*** Input data Section Begins ***

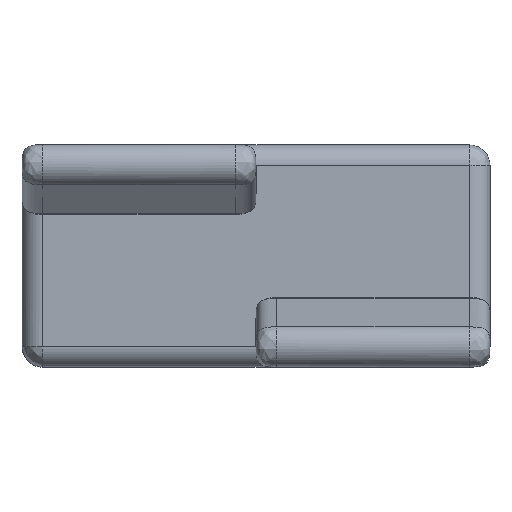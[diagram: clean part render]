
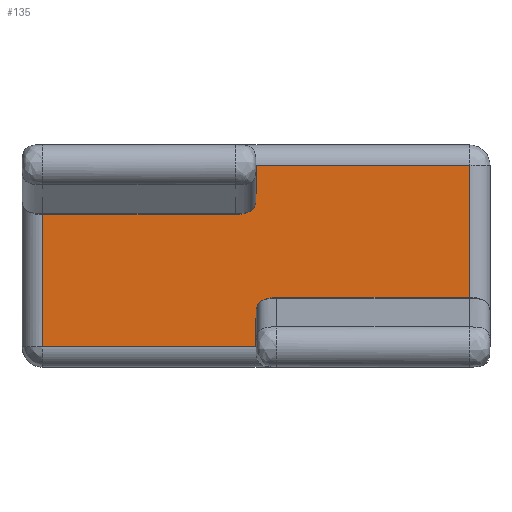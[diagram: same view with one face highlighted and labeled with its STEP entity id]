
A CAD part, top view. The second image highlights one B-rep face of the part: STEP entity #135.
In plain terms, the highlighted free-form (B-spline) face has degree [1, 1] with [2, 2] control points.
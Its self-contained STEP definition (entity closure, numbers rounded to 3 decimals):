
#77=(
BOUNDED_SURFACE()
B_SPLINE_SURFACE(3,1,((#2430,#2431),(#2432,#2433),(#2434,#2435),(#2436,
#2437)),.UNSPECIFIED.,.F.,.F.,.F.)
B_SPLINE_SURFACE_WITH_KNOTS((4,4),(2,2),(0.,1.),(0.,1.),.UNSPECIFIED.)
GEOMETRIC_REPRESENTATION_ITEM()
RATIONAL_B_SPLINE_SURFACE(((1.,1.),(0.805,0.805),
(0.805,0.805),(1.,1.)))
REPRESENTATION_ITEM('')
SURFACE()
);
#81=(
BOUNDED_SURFACE()
B_SPLINE_SURFACE(3,1,((#2482,#2483),(#2484,#2485),(#2486,#2487),(#2488,
#2489)),.UNSPECIFIED.,.F.,.F.,.F.)
B_SPLINE_SURFACE_WITH_KNOTS((4,4),(2,2),(0.,1.),(0.,1.),.UNSPECIFIED.)
GEOMETRIC_REPRESENTATION_ITEM()
RATIONAL_B_SPLINE_SURFACE(((1.,1.),(0.805,0.805),
(0.805,0.805),(1.,1.)))
REPRESENTATION_ITEM('')
SURFACE()
);
#84=(
BOUNDED_SURFACE()
B_SPLINE_SURFACE(3,1,((#2518,#2519),(#2520,#2521),(#2522,#2523),(#2524,
#2525)),.UNSPECIFIED.,.F.,.F.,.F.)
B_SPLINE_SURFACE_WITH_KNOTS((4,4),(2,2),(0.,1.),(0.,1.),.UNSPECIFIED.)
GEOMETRIC_REPRESENTATION_ITEM()
RATIONAL_B_SPLINE_SURFACE(((1.,1.),(0.805,0.805),
(0.805,0.805),(1.,1.)))
REPRESENTATION_ITEM('')
SURFACE()
);
#85=(
BOUNDED_SURFACE()
B_SPLINE_SURFACE(3,1,((#2526,#2527),(#2528,#2529),(#2530,#2531),(#2532,
#2533)),.UNSPECIFIED.,.F.,.F.,.F.)
B_SPLINE_SURFACE_WITH_KNOTS((4,4),(2,2),(0.,1.),(0.,1.),.UNSPECIFIED.)
GEOMETRIC_REPRESENTATION_ITEM()
RATIONAL_B_SPLINE_SURFACE(((1.,1.),(0.805,0.805),
(0.805,0.805),(1.,1.)))
REPRESENTATION_ITEM('')
SURFACE()
);
#135=ADVANCED_FACE('',(#207),#1572,.T.);
#207=FACE_OUTER_BOUND('',#279,.T.);
#279=EDGE_LOOP('',(#399,#400,#401,#402));
#399=ORIENTED_EDGE('',*,*,#1384,.T.);
#400=ORIENTED_EDGE('',*,*,#1385,.T.);
#401=ORIENTED_EDGE('',*,*,#1375,.F.);
#402=ORIENTED_EDGE('',*,*,#1386,.T.);
#674=PCURVE('',#77,#962);
#687=PCURVE('',#1572,#975);
#688=PCURVE('',#1572,#976);
#689=PCURVE('',#1572,#977);
#690=PCURVE('',#1572,#978);
#694=PCURVE('',#81,#982);
#716=PCURVE('',#84,#1004);
#720=PCURVE('',#85,#1008);
#962=DEFINITIONAL_REPRESENTATION('',(#1679),#5226);
#975=DEFINITIONAL_REPRESENTATION('',(#1697),#5226);
#976=DEFINITIONAL_REPRESENTATION('',(#1699),#5226);
#977=DEFINITIONAL_REPRESENTATION('',(#1700),#5226);
#978=DEFINITIONAL_REPRESENTATION('',(#1702),#5226);
#982=DEFINITIONAL_REPRESENTATION('',(#1707),#5226);
#1004=DEFINITIONAL_REPRESENTATION('',(#1737),#5226);
#1008=DEFINITIONAL_REPRESENTATION('',(#1742),#5226);
#1231=SURFACE_CURVE('',#1678,(#674,#689),.PCURVE_S1.);
#1240=SURFACE_CURVE('',#1696,(#687,#720),.PCURVE_S1.);
#1241=SURFACE_CURVE('',#1698,(#688,#694),.PCURVE_S1.);
#1242=SURFACE_CURVE('',#1701,(#690,#716),.PCURVE_S1.);
#1375=EDGE_CURVE('',#1508,#1493,#1231,.T.);
#1384=EDGE_CURVE('',#1509,#1499,#1240,.T.);
#1385=EDGE_CURVE('',#1499,#1493,#1241,.T.);
#1386=EDGE_CURVE('',#1508,#1509,#1242,.T.);
#1493=VERTEX_POINT('',#2586);
#1499=VERTEX_POINT('',#2592);
#1508=VERTEX_POINT('',#2601);
#1509=VERTEX_POINT('',#2602);
#1572=B_SPLINE_SURFACE_WITH_KNOTS('',1,1,((#2478,#2479),(#2480,#2481)),
 .UNSPECIFIED.,.F.,.F.,.F.,(2,2),(2,2),(-725.,725.),(-307.5,
307.5),.UNSPECIFIED.);
#1678=B_SPLINE_CURVE_WITH_KNOTS('',1,(#2777,#2778),.UNSPECIFIED.,.F.,.F.,
(2,2),(0.,1.),.UNSPECIFIED.);
#1679=B_SPLINE_CURVE_WITH_KNOTS('',1,(#2779,#2780),.UNSPECIFIED.,.F.,.F.,
(2,2),(0.,1.),.UNSPECIFIED.);
#1696=B_SPLINE_CURVE_WITH_KNOTS('',1,(#2852,#2853),.UNSPECIFIED.,.F.,.F.,
(2,2),(0.,1.),.UNSPECIFIED.);
#1697=B_SPLINE_CURVE_WITH_KNOTS('',1,(#2854,#2855),.UNSPECIFIED.,.F.,.F.,
(2,2),(0.,1.),.UNSPECIFIED.);
#1698=B_SPLINE_CURVE_WITH_KNOTS('',1,(#2856,#2857),.UNSPECIFIED.,.F.,.F.,
(2,2),(0.,1.),.UNSPECIFIED.);
#1699=B_SPLINE_CURVE_WITH_KNOTS('',1,(#2858,#2859),.UNSPECIFIED.,.F.,.F.,
(2,2),(0.,1.),.UNSPECIFIED.);
#1700=B_SPLINE_CURVE_WITH_KNOTS('',1,(#2860,#2861),.UNSPECIFIED.,.F.,.F.,
(2,2),(0.,1.),.UNSPECIFIED.);
#1701=B_SPLINE_CURVE_WITH_KNOTS('',1,(#2862,#2863),.UNSPECIFIED.,.F.,.F.,
(2,2),(-1.,0.),.UNSPECIFIED.);
#1702=B_SPLINE_CURVE_WITH_KNOTS('',1,(#2864,#2865),.UNSPECIFIED.,.F.,.F.,
(2,2),(-1.,0.),.UNSPECIFIED.);
#1707=B_SPLINE_CURVE_WITH_KNOTS('',1,(#2968,#2969),.UNSPECIFIED.,.F.,.F.,
(2,2),(0.,1.),.UNSPECIFIED.);
#1737=B_SPLINE_CURVE_WITH_KNOTS('',1,(#3274,#3275),.UNSPECIFIED.,.F.,.F.,
(2,2),(-1.,0.),.UNSPECIFIED.);
#1742=B_SPLINE_CURVE_WITH_KNOTS('',1,(#3342,#3343),.UNSPECIFIED.,.F.,.F.,
(2,2),(0.,1.),.UNSPECIFIED.);
#2430=CARTESIAN_POINT('',(725.,-307.5,470.));
#2431=CARTESIAN_POINT('',(725.,307.5,470.));
#2432=CARTESIAN_POINT('',(766.005,-307.5,470.));
#2433=CARTESIAN_POINT('',(766.005,307.5,470.));
#2434=CARTESIAN_POINT('',(795.,-307.5,441.005));
#2435=CARTESIAN_POINT('',(795.,307.5,441.005));
#2436=CARTESIAN_POINT('',(795.,-307.5,400.));
#2437=CARTESIAN_POINT('',(795.,307.5,400.));
#2478=CARTESIAN_POINT('',(-725.,-307.5,470.));
#2479=CARTESIAN_POINT('',(-725.,307.5,470.));
#2480=CARTESIAN_POINT('',(725.,-307.5,470.));
#2481=CARTESIAN_POINT('',(725.,307.5,470.));
#2482=CARTESIAN_POINT('',(725.,-377.5,400.));
#2483=CARTESIAN_POINT('',(-725.,-377.5,400.));
#2484=CARTESIAN_POINT('',(725.,-375.088,444.102));
#2485=CARTESIAN_POINT('',(-725.,-375.088,444.102));
#2486=CARTESIAN_POINT('',(725.,-351.602,467.588));
#2487=CARTESIAN_POINT('',(-725.,-351.602,467.588));
#2488=CARTESIAN_POINT('',(725.,-307.5,470.));
#2489=CARTESIAN_POINT('',(-725.,-307.5,470.));
#2518=CARTESIAN_POINT('',(725.,307.5,470.));
#2519=CARTESIAN_POINT('',(-725.,307.5,470.));
#2520=CARTESIAN_POINT('',(725.,351.602,467.588));
#2521=CARTESIAN_POINT('',(-725.,351.602,467.588));
#2522=CARTESIAN_POINT('',(725.,375.088,444.102));
#2523=CARTESIAN_POINT('',(-725.,375.088,444.102));
#2524=CARTESIAN_POINT('',(725.,377.5,400.));
#2525=CARTESIAN_POINT('',(-725.,377.5,400.));
#2526=CARTESIAN_POINT('',(-725.,307.5,470.));
#2527=CARTESIAN_POINT('',(-725.,-307.5,470.));
#2528=CARTESIAN_POINT('',(-766.005,307.5,470.));
#2529=CARTESIAN_POINT('',(-766.005,-307.5,470.));
#2530=CARTESIAN_POINT('',(-795.,307.5,441.005));
#2531=CARTESIAN_POINT('',(-795.,-307.5,441.005));
#2532=CARTESIAN_POINT('',(-795.,307.5,400.));
#2533=CARTESIAN_POINT('',(-795.,-307.5,400.));
#2586=CARTESIAN_POINT('',(725.,-307.5,470.));
#2592=CARTESIAN_POINT('',(-725.,-307.5,470.));
#2601=CARTESIAN_POINT('',(725.,307.5,470.));
#2602=CARTESIAN_POINT('',(-725.,307.5,470.));
#2777=CARTESIAN_POINT('',(725.,307.5,470.));
#2778=CARTESIAN_POINT('',(725.,-307.5,470.));
#2779=CARTESIAN_POINT('',(0.,1.));
#2780=CARTESIAN_POINT('',(0.,0.));
#2852=CARTESIAN_POINT('',(-725.,307.5,470.));
#2853=CARTESIAN_POINT('',(-725.,-307.5,470.));
#2854=CARTESIAN_POINT('',(-725.,307.5));
#2855=CARTESIAN_POINT('',(-725.,-307.5));
#2856=CARTESIAN_POINT('',(-725.,-307.5,470.));
#2857=CARTESIAN_POINT('',(725.,-307.5,470.));
#2858=CARTESIAN_POINT('',(-725.,-307.5));
#2859=CARTESIAN_POINT('',(725.,-307.5));
#2860=CARTESIAN_POINT('',(725.,307.5));
#2861=CARTESIAN_POINT('',(725.,-307.5));
#2862=CARTESIAN_POINT('',(725.,307.5,470.));
#2863=CARTESIAN_POINT('',(-725.,307.5,470.));
#2864=CARTESIAN_POINT('',(725.,307.5));
#2865=CARTESIAN_POINT('',(-725.,307.5));
#2968=CARTESIAN_POINT('',(1.,1.));
#2969=CARTESIAN_POINT('',(1.,0.));
#3274=CARTESIAN_POINT('',(0.,0.));
#3275=CARTESIAN_POINT('',(0.,1.));
#3342=CARTESIAN_POINT('',(0.,0.));
#3343=CARTESIAN_POINT('',(0.,1.));
#5226=(
GEOMETRIC_REPRESENTATION_CONTEXT(2)
PARAMETRIC_REPRESENTATION_CONTEXT()
REPRESENTATION_CONTEXT('pspace','')
);

*** Input data Section Ends ***

> _Problem details_
The listing above holds a line with "#2433=CARTESIAN_POINT('',(766.005,307.5,470.));" and a line with "#2518=CARTESIAN_POINT('',(725.,307.5,470.));". Print the stretch from the first through the second, exactly and alone.

> _Answer area_
#2433=CARTESIAN_POINT('',(766.005,307.5,470.));
#2434=CARTESIAN_POINT('',(795.,-307.5,441.005));
#2435=CARTESIAN_POINT('',(795.,307.5,441.005));
#2436=CARTESIAN_POINT('',(795.,-307.5,400.));
#2437=CARTESIAN_POINT('',(795.,307.5,400.));
#2478=CARTESIAN_POINT('',(-725.,-307.5,470.));
#2479=CARTESIAN_POINT('',(-725.,307.5,470.));
#2480=CARTESIAN_POINT('',(725.,-307.5,470.));
#2481=CARTESIAN_POINT('',(725.,307.5,470.));
#2482=CARTESIAN_POINT('',(725.,-377.5,400.));
#2483=CARTESIAN_POINT('',(-725.,-377.5,400.));
#2484=CARTESIAN_POINT('',(725.,-375.088,444.102));
#2485=CARTESIAN_POINT('',(-725.,-375.088,444.102));
#2486=CARTESIAN_POINT('',(725.,-351.602,467.588));
#2487=CARTESIAN_POINT('',(-725.,-351.602,467.588));
#2488=CARTESIAN_POINT('',(725.,-307.5,470.));
#2489=CARTESIAN_POINT('',(-725.,-307.5,470.));
#2518=CARTESIAN_POINT('',(725.,307.5,470.));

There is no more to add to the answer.